The key methods here repeatedly build a contraction tree, using some combination of agglomerative and divisive heuristics, then sample these stochastically whilst having their algorithmic parameters tuned by a Bayesian optimizer so as to target the lowest space or time complexity.

This repository also contains a tensor network slicing implementation (for splitting contractions into many independent chunks each with lower memory) that will hopefully be added directly into opt_einsum at some point. The slicing can be performed within the Bayesian optimization loop to explicitly target contraction paths that slice well to low memory.

Installation 🔨

Basic requirements are numpy, opt_einsum and psutil, other than which the following python packages are used by default:

  • kahypar - Karlsruhe Hypergraph Partitioning for high quality divisive tree building
  • baytune - Baysian Tuning and Bandits for the hyper optimization

If you want to experiment with other algorithms then the following can be used:

  • python-igraph - various other community detection algorithms (though no hyperedge support and usually worse performance than kahypar).
  • QuickBB
  • FlowCutter

The latter two are both accessed simply using their command line interface and so the following executables should be placed on the path somewhere: [quickbb_64, flow_cutter_pace17].

Basic usage ⚡️

All the optimizers are opt_einsum.PathOptimizer instances which can be supplied as the optimize= kwarg to either opt_einsum or quimb:

With opt_einsum

import opt_einsum as oe
import cotengra as ctg

eq, shapes = oe.helpers.rand_equation(30, 4)
opt = ctg.HyperOptimizer()
path, info = oe.contract_path(eq, *shapes, shapes=True, optimize=opt)

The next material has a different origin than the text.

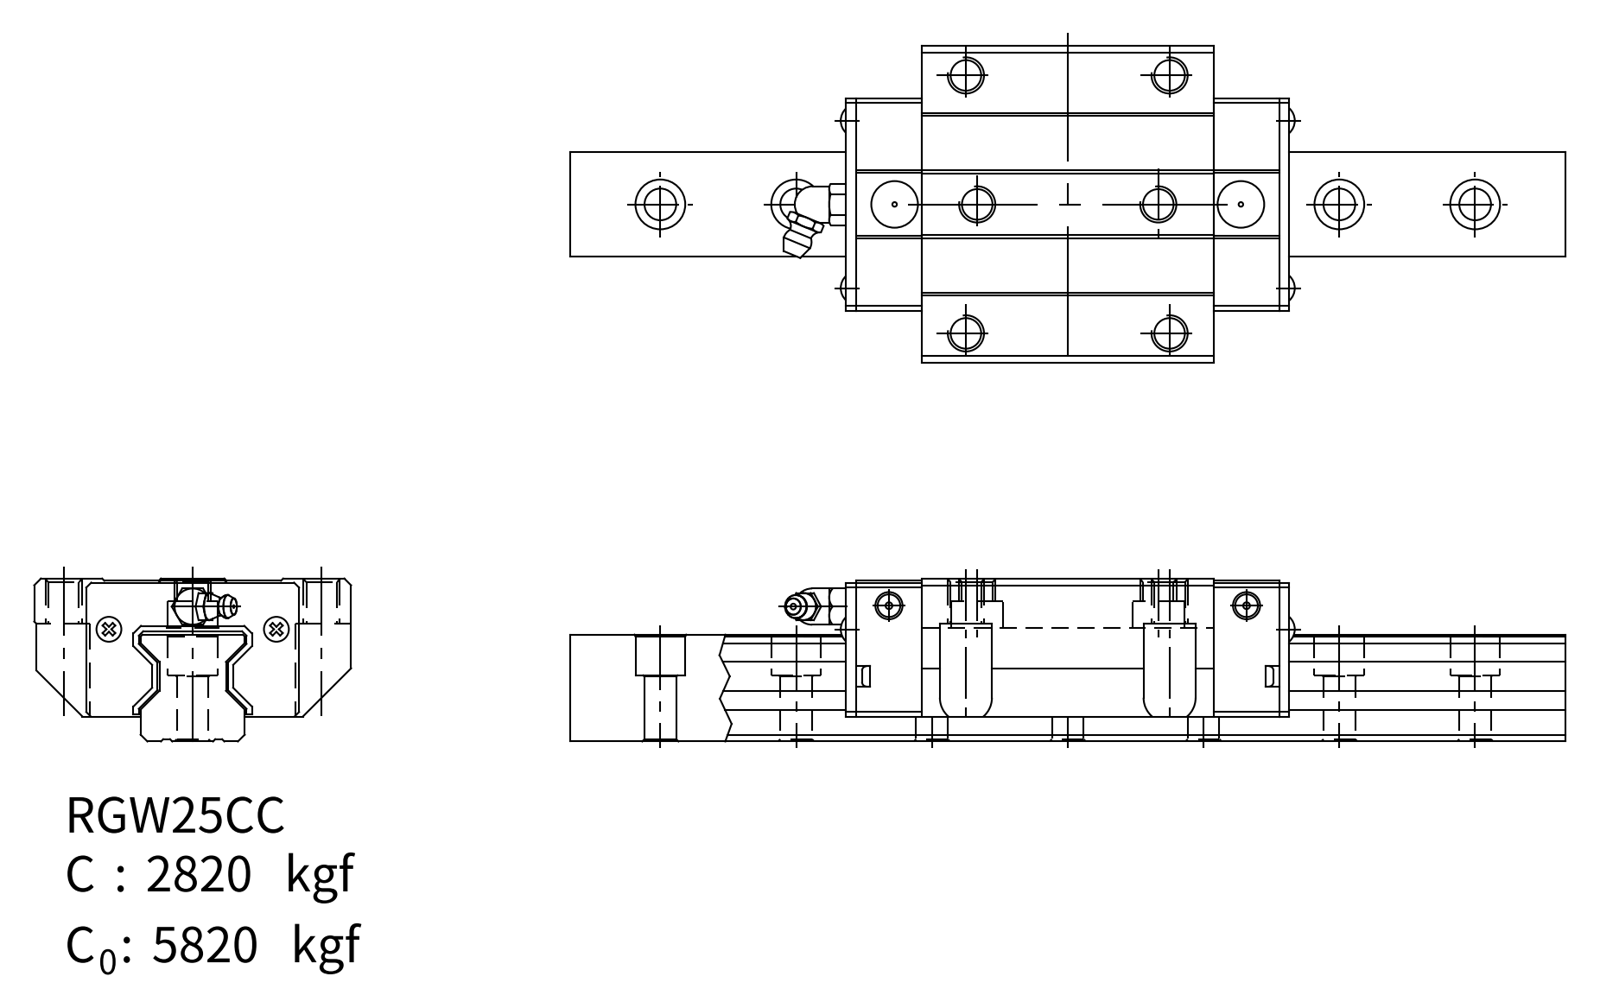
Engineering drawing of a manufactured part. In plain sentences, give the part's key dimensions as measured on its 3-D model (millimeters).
The part is named "RGW25CC_BLOCK_7; RGR25_RAIL_2; RGW25CC_ASM_3_ASM; RGW25CC_ASM". Its 3-D file was written by "PRO/ENGINEER BY PARAMETRIC TECHNOLOGY CORPORATION, 2004360 (CONFIG_CONTROL_DESIGN)". It is 2 solids with 197 faces: 125 planar, 62 cylindrical and 10 other. Overall it measures 160 by 70 by 36 millimeters. Its volume is 196 854 cubic millimeters and its surface area 47 289 square millimeters. Round holes: 7 of diameter 11, 6 of diameter 8, 5 of diameter 7, 2 of diameter 1, 2 of diameter 5, 2 of diameter 10.3, 1 of diameter 6. Partial cylindrical surfaces (rounded edges, fillets, slot ends): 4 of radius 5.5, 1 of radius 5. The main face-to-face distances are 3.65, 19.35, 0.5, 6.38, 11.5, 30.5, 18.1, 12.4, 35, 5.5. The hole center spacings are 28.61, 29.47, 30, 32.56, 36.31, 47.1, 51.17, 59.74.
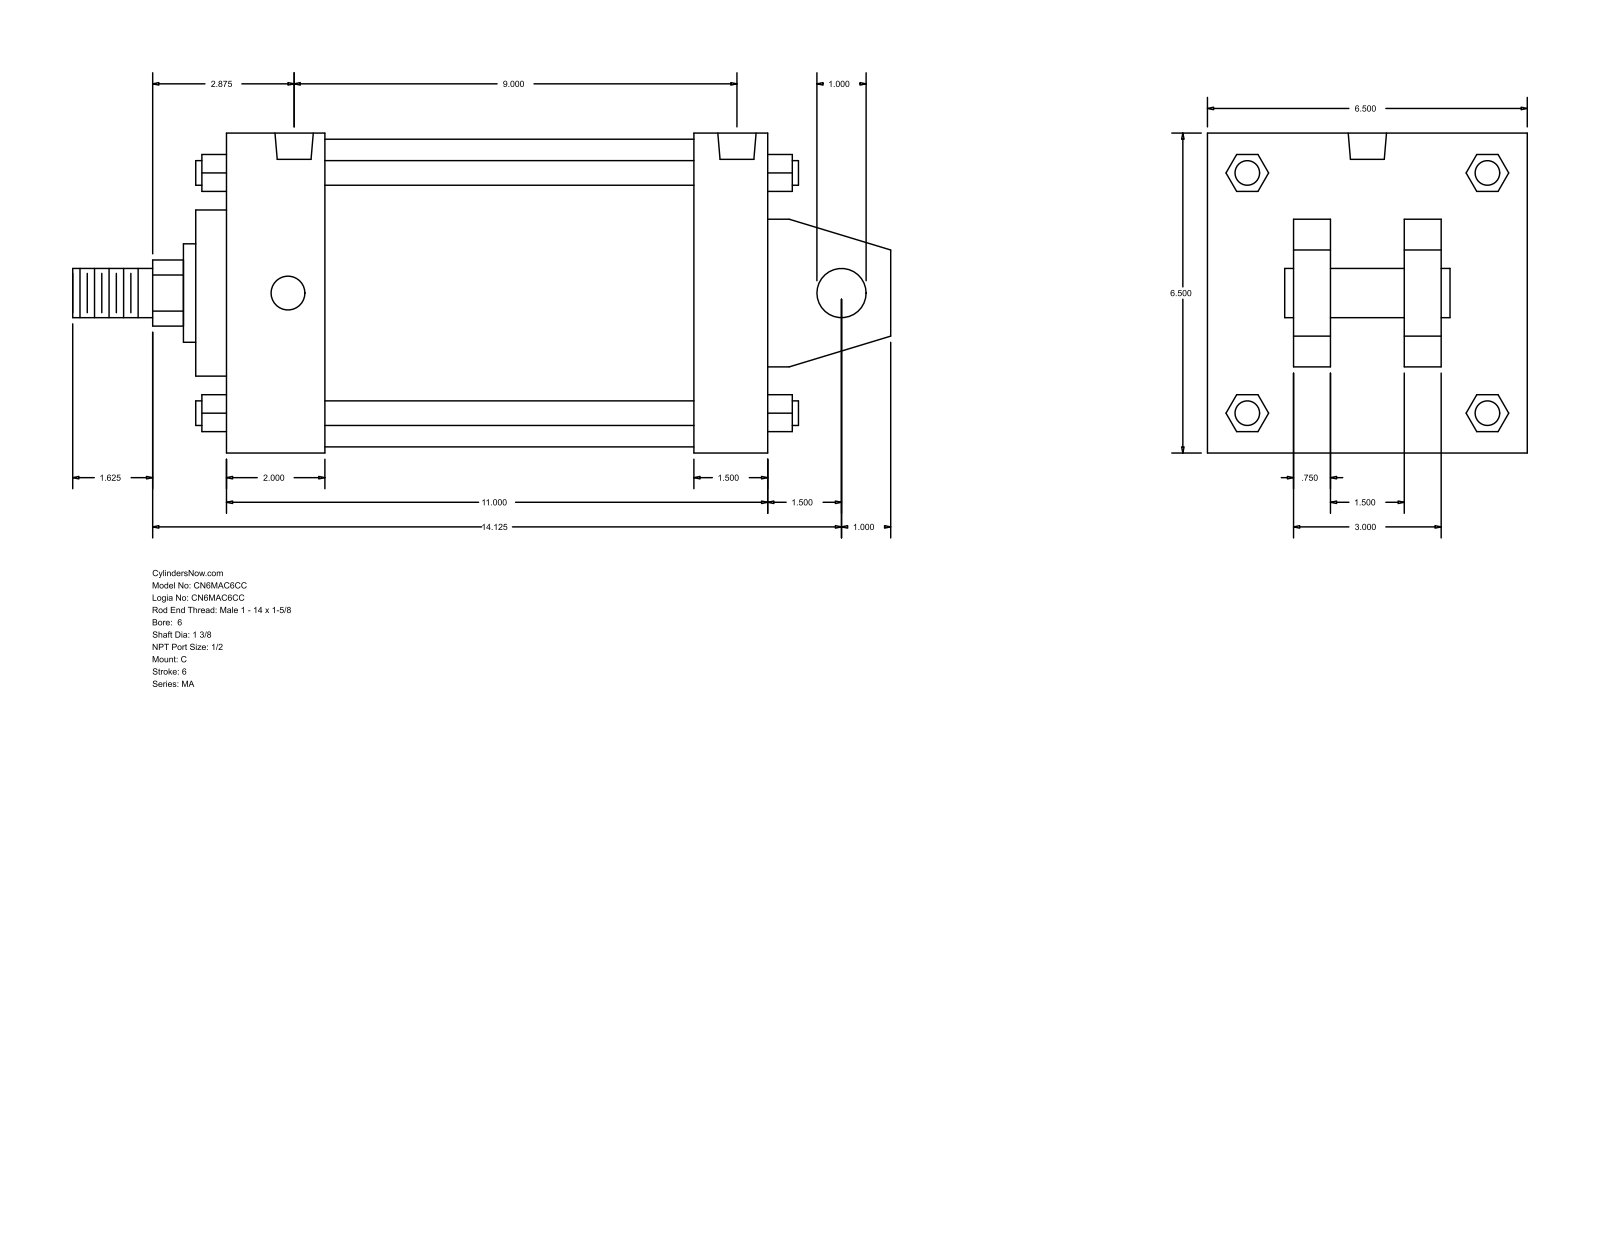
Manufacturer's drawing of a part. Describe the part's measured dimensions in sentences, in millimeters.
The part is named "MA_C__0600_1.375". Its 3-D file was written by "GSSL Pune (CONFIG_CONTROL_DESIGN)". It is 0 solids with 141 faces: 109 planar, 32 cylindrical and 0 other. Overall it measures 422.27 by 165.1 by 165.1 millimeters. Round holes: 4 of diameter 17.46, 2 of diameter 19.77. Round bosses or shafts: 4 of diameter 12.7, 2 of diameter 25.4, 1 of diameter 158.75, 1 of diameter 85.72, 1 of diameter 50.8, 1 of diameter 34.92. Partial cylindrical surfaces (rounded edges, fillets, slot ends): 1 of radius 17.06. The main face-to-face distances are 165.1, 279.4, 38.1, 19.05, 63.5, 101.6, 50.8, 120.65, 44.45, 241.3. The hole center spacings are 228.6, 3.17, 3.18, 225.42, 228.59, 231.77.
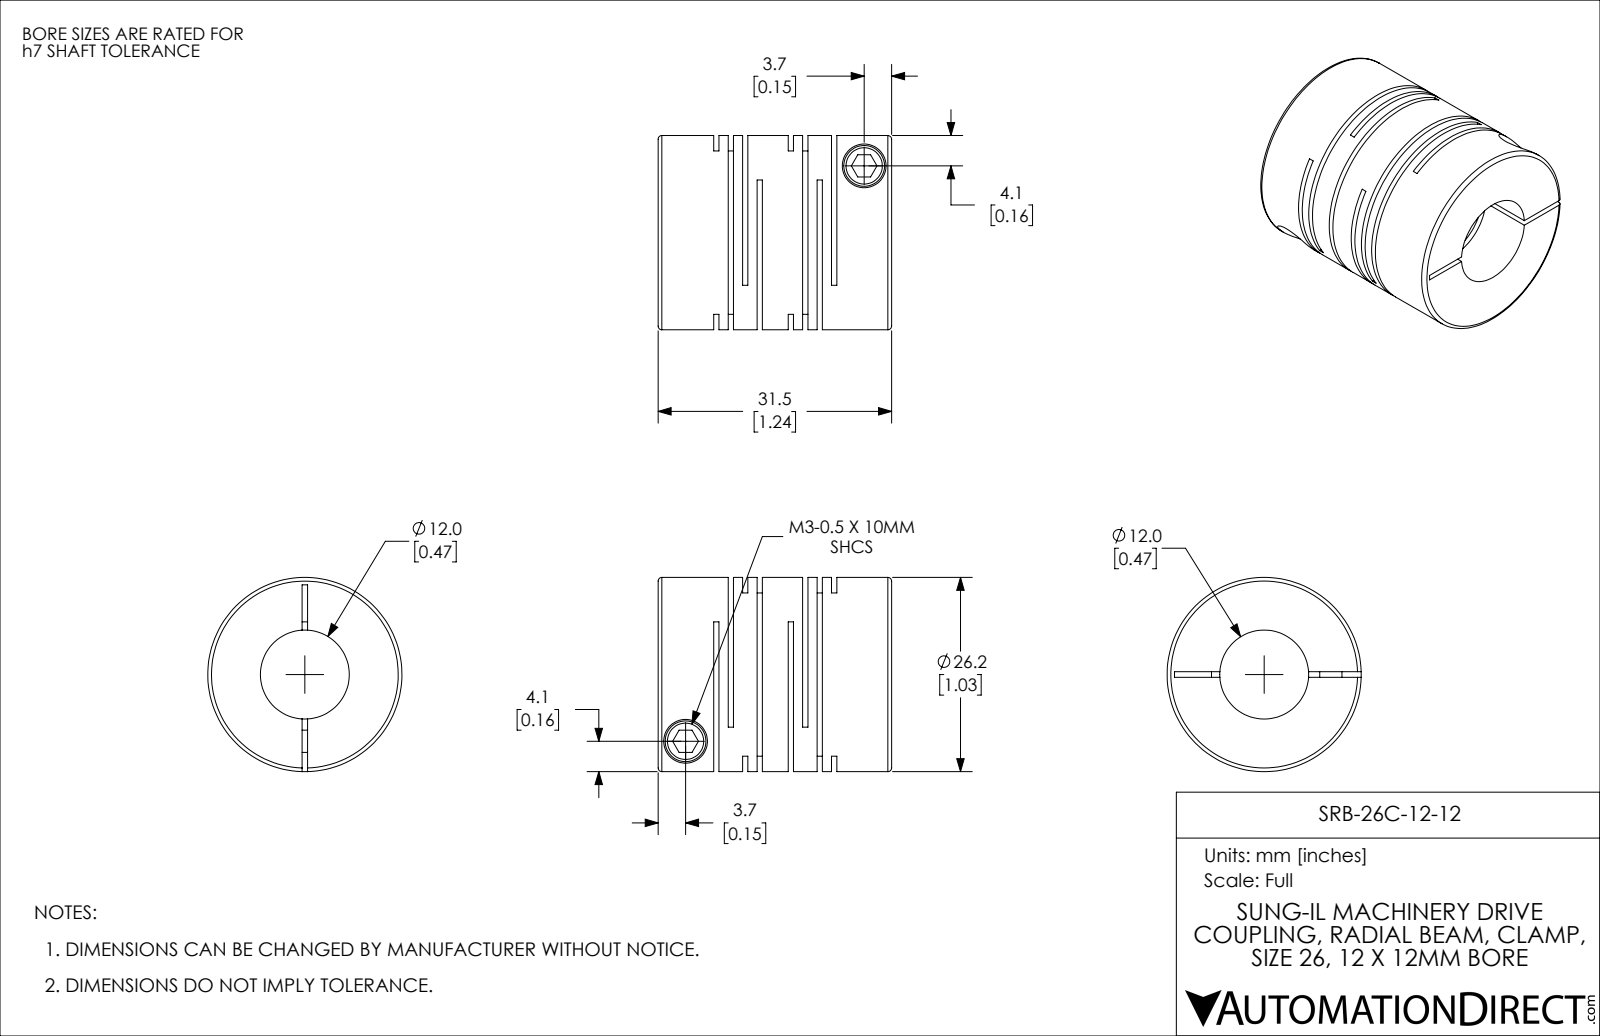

Various useful information regarding the trials is retained in the optimizer instance opt. Once imported, cotengra also registers the following named optimizers which can just be specified directly:

    'hyper', 'hyper-256', 'hyper-greedy',
    'hyper-kahypar', 'hyper-spinglass', 'hyper-betweenness'
    'flowcutter-2', 'flowcutter-10', 'flowcutter-60'
    'quickbb-2', 'quickbb-10', 'quickbb-60'

By default, the hyper optimization only trials 'greedy' and 'kahypar' (since generally one of these always offers the best performance and they both support hyperedges - indices repeated 3+ times), but you can supply any of the path finders from list_hyper_functions via HyperOptimizer(methods=[...]) or register your own.

With quimb

In quimb the optimize kwarg to contraction functions is passed on to opt_einsum.

import quimb.tensor as qtn

mera = qtn.MERA.rand(32)
norm = mera.H & mera

info = norm.contract(all, get='path-info', optimize='hyper')

Additionally, if the optimizer is specified like such as a string, quimb will cache the contraction path found for that particular tensor network shape to be automatically reused. A fuller example using random quantum circuits can be found in the notebook examples/Quantum Circuit Example.ipynb.

⚠️ By convention opt_einsum assumes real floating point arithmetic when calculating info.opt_cost, if every contraction is an inner product and there are no output indices then this is generally 2x the cost (or number of operations), C, defined in the paper. The contraction width, W, is just math.log2(info.largest_intermediate).

Advanced Settings

Various settings can be speicifed when intializing the HyperOptimizer object, here are some key ones:

opt = ctg.HyperOptimizer(
    minimize='size',    # {'size', 'flops', 'combo'}, what to target
    parallel=True,      # {bool, int, pool-like} see opt_einsum
    max_time=60,        # maximum seconds to run for (None for no limit)
    max_repeats=1024,   # maximum number of repeats
    progbar=True,       # whether to show live progress

The Gaussian process based hyper optimization can be turned off by supplying tuner='Uniform' or indeed any baytune tuner.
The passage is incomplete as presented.